We get so much information every day, some of them are rumours and half-truths that are spread around especially on social media. Yet some of us are treating as though they are true, and getting angry over nothing.
Why are we so fast to slam and judge?
Why are we looking at one photo or video, most likely taken out of context, and criticizing what we perceive has happened. Personally, I really feel this is becoming quite frightening. (I don’t even know when someone will say something out of nothing about me.)
A simple way to avoid all this misinformation is to apply the 4 ways of S.U.R.E to content that you come across. S.U.R.E stands for Source, Understand, Research and Evaluate, a simple acronym that the National Library Board has recently come up with as part of their National Information Literacy Programme to make Information Literacy skills easy and accessible for everyone. (* To find out more about S.U.R.E – Source, Understand, Research and Evaluate. )
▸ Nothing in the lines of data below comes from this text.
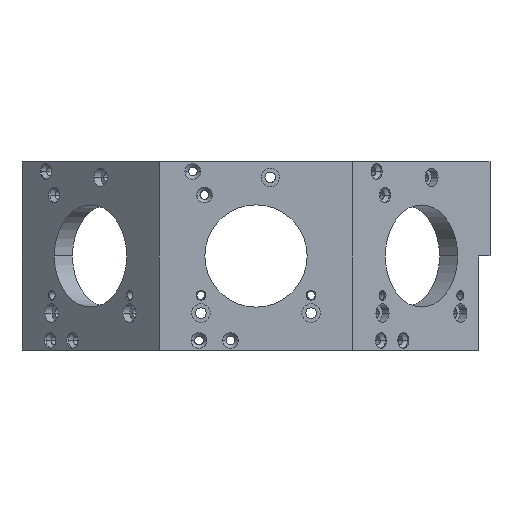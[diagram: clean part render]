
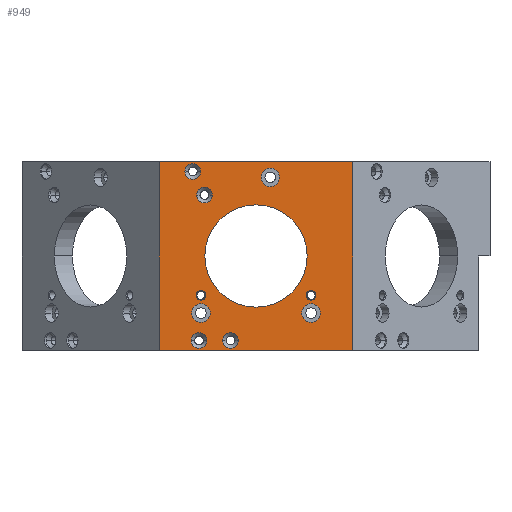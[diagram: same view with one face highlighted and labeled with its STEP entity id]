
A CAD part, front view. The second image highlights one B-rep face of the part: STEP entity #949.
In plain terms, the highlighted planar face has unit normal (0, -1, 0).
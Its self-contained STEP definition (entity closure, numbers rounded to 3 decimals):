
#949=ADVANCED_FACE('',(#1944,#1945,#1946,#1947,#1948,#1949,#1950,#1951,#1952,
#1953,#1431),#4955,.T.);
#1431=FACE_OUTER_BOUND('',#2095,.F.);
#1944=FACE_BOUND('',#2085,.F.);
#1945=FACE_BOUND('',#2086,.F.);
#1946=FACE_BOUND('',#2087,.F.);
#1947=FACE_BOUND('',#2088,.F.);
#1948=FACE_BOUND('',#2089,.F.);
#1949=FACE_BOUND('',#2090,.F.);
#1950=FACE_BOUND('',#2091,.F.);
#1951=FACE_BOUND('',#2092,.F.);
#1952=FACE_BOUND('',#2093,.F.);
#1953=FACE_BOUND('',#2094,.F.);
#2085=EDGE_LOOP('',(#2843,#2844));
#2086=EDGE_LOOP('',(#2845,#2846));
#2087=EDGE_LOOP('',(#2847,#2848));
#2088=EDGE_LOOP('',(#2849,#2850));
#2089=EDGE_LOOP('',(#2851,#2852));
#2090=EDGE_LOOP('',(#2853,#2854));
#2091=EDGE_LOOP('',(#2855,#2856));
#2092=EDGE_LOOP('',(#2857,#2858));
#2093=EDGE_LOOP('',(#2859,#2860));
#2094=EDGE_LOOP('',(#2861,#2862));
#2095=EDGE_LOOP('',(#2863,#2864,#2865,#2866));
#2843=ORIENTED_EDGE('',*,*,#9332,.T.);
#2844=ORIENTED_EDGE('',*,*,#9331,.T.);
#2845=ORIENTED_EDGE('',*,*,#9352,.T.);
#2846=ORIENTED_EDGE('',*,*,#9351,.T.);
#2847=ORIENTED_EDGE('',*,*,#9379,.T.);
#2848=ORIENTED_EDGE('',*,*,#9380,.T.);
#2849=ORIENTED_EDGE('',*,*,#9396,.T.);
#2850=ORIENTED_EDGE('',*,*,#9395,.T.);
#2851=ORIENTED_EDGE('',*,*,#9388,.T.);
#2852=ORIENTED_EDGE('',*,*,#9387,.T.);
#2853=ORIENTED_EDGE('',*,*,#9394,.T.);
#2854=ORIENTED_EDGE('',*,*,#9393,.T.);
#2855=ORIENTED_EDGE('',*,*,#9392,.T.);
#2856=ORIENTED_EDGE('',*,*,#9391,.T.);
#2857=ORIENTED_EDGE('',*,*,#9384,.T.);
#2858=ORIENTED_EDGE('',*,*,#9383,.T.);
#2859=ORIENTED_EDGE('',*,*,#9350,.T.);
#2860=ORIENTED_EDGE('',*,*,#9349,.T.);
#2861=ORIENTED_EDGE('',*,*,#9328,.T.);
#2862=ORIENTED_EDGE('',*,*,#9327,.T.);
#2863=ORIENTED_EDGE('',*,*,#9309,.F.);
#2864=ORIENTED_EDGE('',*,*,#9237,.F.);
#2865=ORIENTED_EDGE('',*,*,#9194,.T.);
#2866=ORIENTED_EDGE('',*,*,#9212,.T.);
#4955=PLANE('',#12105);
#8101=LINE('',#16162,#8623);
#8107=LINE('',#16180,#8629);
#8112=LINE('',#16205,#8634);
#8135=LINE('',#16277,#8657);
#8623=VECTOR('',#12854,49.291);
#8629=VECTOR('',#12884,48.);
#8634=VECTOR('',#12929,48.);
#8657=VECTOR('',#13050,49.291);
#9194=EDGE_CURVE('',#11438,#11441,#8101,.T.);
#9212=EDGE_CURVE('',#11441,#11382,#8107,.T.);
#9237=EDGE_CURVE('',#11438,#11366,#8112,.T.);
#9309=EDGE_CURVE('',#11366,#11382,#8135,.T.);
#9327=EDGE_CURVE('',#11273,#11272,#10398,.T.);
#9328=EDGE_CURVE('',#11272,#11273,#10399,.T.);
#9331=EDGE_CURVE('',#11269,#11268,#10402,.T.);
#9332=EDGE_CURVE('',#11268,#11269,#10403,.T.);
#9349=EDGE_CURVE('',#11249,#11248,#10408,.T.);
#9350=EDGE_CURVE('',#11248,#11249,#10409,.T.);
#9351=EDGE_CURVE('',#11247,#11246,#10410,.T.);
#9352=EDGE_CURVE('',#11246,#11247,#10411,.T.);
#9379=EDGE_CURVE('',#11223,#11222,#10429,.T.);
#9380=EDGE_CURVE('',#11222,#11223,#10430,.T.);
#9383=EDGE_CURVE('',#11219,#11218,#10433,.T.);
#9384=EDGE_CURVE('',#11218,#11219,#10434,.T.);
#9387=EDGE_CURVE('',#11215,#11214,#10437,.T.);
#9388=EDGE_CURVE('',#11214,#11215,#10438,.T.);
#9391=EDGE_CURVE('',#11211,#11210,#10441,.T.);
#9392=EDGE_CURVE('',#11210,#11211,#10442,.T.);
#9393=EDGE_CURVE('',#11209,#11208,#10443,.T.);
#9394=EDGE_CURVE('',#11208,#11209,#10444,.T.);
#9395=EDGE_CURVE('',#11207,#11206,#10445,.T.);
#9396=EDGE_CURVE('',#11206,#11207,#10446,.T.);
#10398=CIRCLE('',#11742,2.);
#10399=CIRCLE('',#11743,2.);
#10402=CIRCLE('',#11746,2.);
#10403=CIRCLE('',#11747,2.);
#10408=CIRCLE('',#11752,2.);
#10409=CIRCLE('',#11753,2.);
#10410=CIRCLE('',#11754,2.);
#10411=CIRCLE('',#11755,2.);
#10429=CIRCLE('',#11773,1.25);
#10430=CIRCLE('',#11774,1.25);
#10433=CIRCLE('',#11777,2.35);
#10434=CIRCLE('',#11778,2.35);
#10437=CIRCLE('',#11781,2.35);
#10438=CIRCLE('',#11782,2.35);
#10441=CIRCLE('',#11785,2.35);
#10442=CIRCLE('',#11786,2.35);
#10443=CIRCLE('',#11787,13.);
#10444=CIRCLE('',#11788,13.);
#10445=CIRCLE('',#11789,1.25);
#10446=CIRCLE('',#11790,1.25);
#11206=VERTEX_POINT('',#15816);
#11207=VERTEX_POINT('',#15817);
#11208=VERTEX_POINT('',#15818);
#11209=VERTEX_POINT('',#15819);
#11210=VERTEX_POINT('',#15820);
#11211=VERTEX_POINT('',#15821);
#11214=VERTEX_POINT('',#15824);
#11215=VERTEX_POINT('',#15825);
#11218=VERTEX_POINT('',#15828);
#11219=VERTEX_POINT('',#15829);
#11222=VERTEX_POINT('',#15832);
#11223=VERTEX_POINT('',#15833);
#11246=VERTEX_POINT('',#15856);
#11247=VERTEX_POINT('',#15857);
#11248=VERTEX_POINT('',#15858);
#11249=VERTEX_POINT('',#15859);
#11268=VERTEX_POINT('',#15878);
#11269=VERTEX_POINT('',#15879);
#11272=VERTEX_POINT('',#15882);
#11273=VERTEX_POINT('',#15883);
#11366=VERTEX_POINT('',#15976);
#11382=VERTEX_POINT('',#15992);
#11438=VERTEX_POINT('',#16048);
#11441=VERTEX_POINT('',#16051);
#11742=AXIS2_PLACEMENT_3D('',#16295,#13074,#13075);
#11743=AXIS2_PLACEMENT_3D('',#16296,#13076,#13077);
#11746=AXIS2_PLACEMENT_3D('',#16299,#13082,#13083);
#11747=AXIS2_PLACEMENT_3D('',#16300,#13084,#13085);
#11752=AXIS2_PLACEMENT_3D('',#16317,#13106,#13107);
#11753=AXIS2_PLACEMENT_3D('',#16318,#13108,#13109);
#11754=AXIS2_PLACEMENT_3D('',#16319,#13110,#13111);
#11755=AXIS2_PLACEMENT_3D('',#16320,#13112,#13113);
#11773=AXIS2_PLACEMENT_3D('',#16347,#13157,#13158);
#11774=AXIS2_PLACEMENT_3D('',#16348,#13159,#13160);
#11777=AXIS2_PLACEMENT_3D('',#16351,#13165,#13166);
#11778=AXIS2_PLACEMENT_3D('',#16352,#13167,#13168);
#11781=AXIS2_PLACEMENT_3D('',#16355,#13173,#13174);
#11782=AXIS2_PLACEMENT_3D('',#16356,#13175,#13176);
#11785=AXIS2_PLACEMENT_3D('',#16359,#13181,#13182);
#11786=AXIS2_PLACEMENT_3D('',#16360,#13183,#13184);
#11787=AXIS2_PLACEMENT_3D('',#16361,#13185,#13186);
#11788=AXIS2_PLACEMENT_3D('',#16362,#13187,#13188);
#11789=AXIS2_PLACEMENT_3D('',#16363,#13189,#13190);
#11790=AXIS2_PLACEMENT_3D('',#16364,#13191,#13192);
#12105=AXIS2_PLACEMENT_3D('',#17011,#14153,#14154);
#12854=DIRECTION('',(1.,0.,0.));
#12884=DIRECTION('',(0.,0.,-1.));
#12929=DIRECTION('',(0.,0.,-1.));
#13050=DIRECTION('',(1.,0.,0.));
#13074=DIRECTION('',(0.,-1.,0.));
#13075=DIRECTION('',(-1.,0.,0.));
#13076=DIRECTION('',(0.,-1.,0.));
#13077=DIRECTION('',(1.,0.,0.));
#13082=DIRECTION('',(0.,-1.,0.));
#13083=DIRECTION('',(-1.,0.,0.));
#13084=DIRECTION('',(0.,-1.,0.));
#13085=DIRECTION('',(1.,0.,0.));
#13106=DIRECTION('',(0.,-1.,0.));
#13107=DIRECTION('',(-1.,0.,0.));
#13108=DIRECTION('',(0.,-1.,0.));
#13109=DIRECTION('',(1.,0.,0.));
#13110=DIRECTION('',(0.,-1.,0.));
#13111=DIRECTION('',(-1.,0.,0.));
#13112=DIRECTION('',(0.,-1.,0.));
#13113=DIRECTION('',(1.,0.,0.));
#13157=DIRECTION('',(0.,-1.,0.));
#13158=DIRECTION('',(0.,0.,1.));
#13159=DIRECTION('',(0.,-1.,0.));
#13160=DIRECTION('',(0.,0.,-1.));
#13165=DIRECTION('',(0.,-1.,0.));
#13166=DIRECTION('',(1.,0.,0.));
#13167=DIRECTION('',(0.,-1.,0.));
#13168=DIRECTION('',(-1.,0.,0.));
#13173=DIRECTION('',(0.,-1.,0.));
#13174=DIRECTION('',(1.,0.,0.));
#13175=DIRECTION('',(0.,-1.,0.));
#13176=DIRECTION('',(-1.,0.,0.));
#13181=DIRECTION('',(0.,-1.,0.));
#13182=DIRECTION('',(1.,0.,0.));
#13183=DIRECTION('',(0.,-1.,0.));
#13184=DIRECTION('',(-1.,0.,0.));
#13185=DIRECTION('',(0.,-1.,0.));
#13186=DIRECTION('',(-1.,0.,0.));
#13187=DIRECTION('',(0.,-1.,0.));
#13188=DIRECTION('',(1.,0.,0.));
#13189=DIRECTION('',(0.,-1.,0.));
#13190=DIRECTION('',(0.,0.,-1.));
#13191=DIRECTION('',(0.,-1.,0.));
#13192=DIRECTION('',(0.,0.,1.));
#14153=DIRECTION('',(0.,-1.,0.));
#14154=DIRECTION('',(1.,0.,0.));
#15816=CARTESIAN_POINT('',(270.375,359.752,448.124));
#15817=CARTESIAN_POINT('',(270.375,359.752,445.624));
#15818=CARTESIAN_POINT('',(297.375,359.752,456.874));
#15819=CARTESIAN_POINT('',(271.375,359.752,456.874));
#15820=CARTESIAN_POINT('',(285.65,359.752,476.874));
#15821=CARTESIAN_POINT('',(290.35,359.752,476.874));
#15824=CARTESIAN_POINT('',(268.025,359.752,442.374));
#15825=CARTESIAN_POINT('',(272.725,359.752,442.374));
#15828=CARTESIAN_POINT('',(296.025,359.752,442.374));
#15829=CARTESIAN_POINT('',(300.725,359.752,442.374));
#15832=CARTESIAN_POINT('',(298.375,359.752,445.624));
#15833=CARTESIAN_POINT('',(298.375,359.752,448.124));
#15856=CARTESIAN_POINT('',(271.875,359.752,435.374));
#15857=CARTESIAN_POINT('',(267.875,359.752,435.374));
#15858=CARTESIAN_POINT('',(279.875,359.752,435.374));
#15859=CARTESIAN_POINT('',(275.875,359.752,435.374));
#15878=CARTESIAN_POINT('',(270.298,359.752,478.375));
#15879=CARTESIAN_POINT('',(266.298,359.752,478.375));
#15882=CARTESIAN_POINT('',(273.298,359.752,472.375));
#15883=CARTESIAN_POINT('',(269.298,359.752,472.375));
#15976=CARTESIAN_POINT('',(259.729,359.752,432.874));
#15992=CARTESIAN_POINT('',(309.021,359.752,432.874));
#16048=CARTESIAN_POINT('',(259.729,359.752,480.874));
#16051=CARTESIAN_POINT('',(309.021,359.752,480.874));
#16162=CARTESIAN_POINT('',(259.729,359.752,480.874));
#16180=CARTESIAN_POINT('',(309.021,359.752,480.874));
#16205=CARTESIAN_POINT('',(259.729,359.752,480.874));
#16277=CARTESIAN_POINT('',(259.729,359.752,432.874));
#16295=CARTESIAN_POINT('',(271.298,359.752,472.375));
#16296=CARTESIAN_POINT('',(271.298,359.752,472.375));
#16299=CARTESIAN_POINT('',(268.298,359.752,478.375));
#16300=CARTESIAN_POINT('',(268.298,359.752,478.375));
#16317=CARTESIAN_POINT('',(277.875,359.752,435.374));
#16318=CARTESIAN_POINT('',(277.875,359.752,435.374));
#16319=CARTESIAN_POINT('',(269.875,359.752,435.374));
#16320=CARTESIAN_POINT('',(269.875,359.752,435.374));
#16347=CARTESIAN_POINT('',(298.375,359.752,446.874));
#16348=CARTESIAN_POINT('',(298.375,359.752,446.874));
#16351=CARTESIAN_POINT('',(298.375,359.752,442.374));
#16352=CARTESIAN_POINT('',(298.375,359.752,442.374));
#16355=CARTESIAN_POINT('',(270.375,359.752,442.374));
#16356=CARTESIAN_POINT('',(270.375,359.752,442.374));
#16359=CARTESIAN_POINT('',(288.,359.752,476.874));
#16360=CARTESIAN_POINT('',(288.,359.752,476.874));
#16361=CARTESIAN_POINT('',(284.375,359.752,456.874));
#16362=CARTESIAN_POINT('',(284.375,359.752,456.874));
#16363=CARTESIAN_POINT('',(270.375,359.752,446.874));
#16364=CARTESIAN_POINT('',(270.375,359.752,446.874));
#17011=CARTESIAN_POINT('',(259.236,359.752,432.381));

As news consumers, we also should be responsible enough to get information from various sources, ascertain there is backed by certain evidence and research before evaluation. Before we click Likes or Share and say “This person is so terrible. Perhaps ask why we are judging others without seeing both sides of the story.”
As I am typing this, there is another social media furore against main stream media. While publishers definitely have to execute journalistic responsibility, we news consumers also has to be responsible in reading and sharing.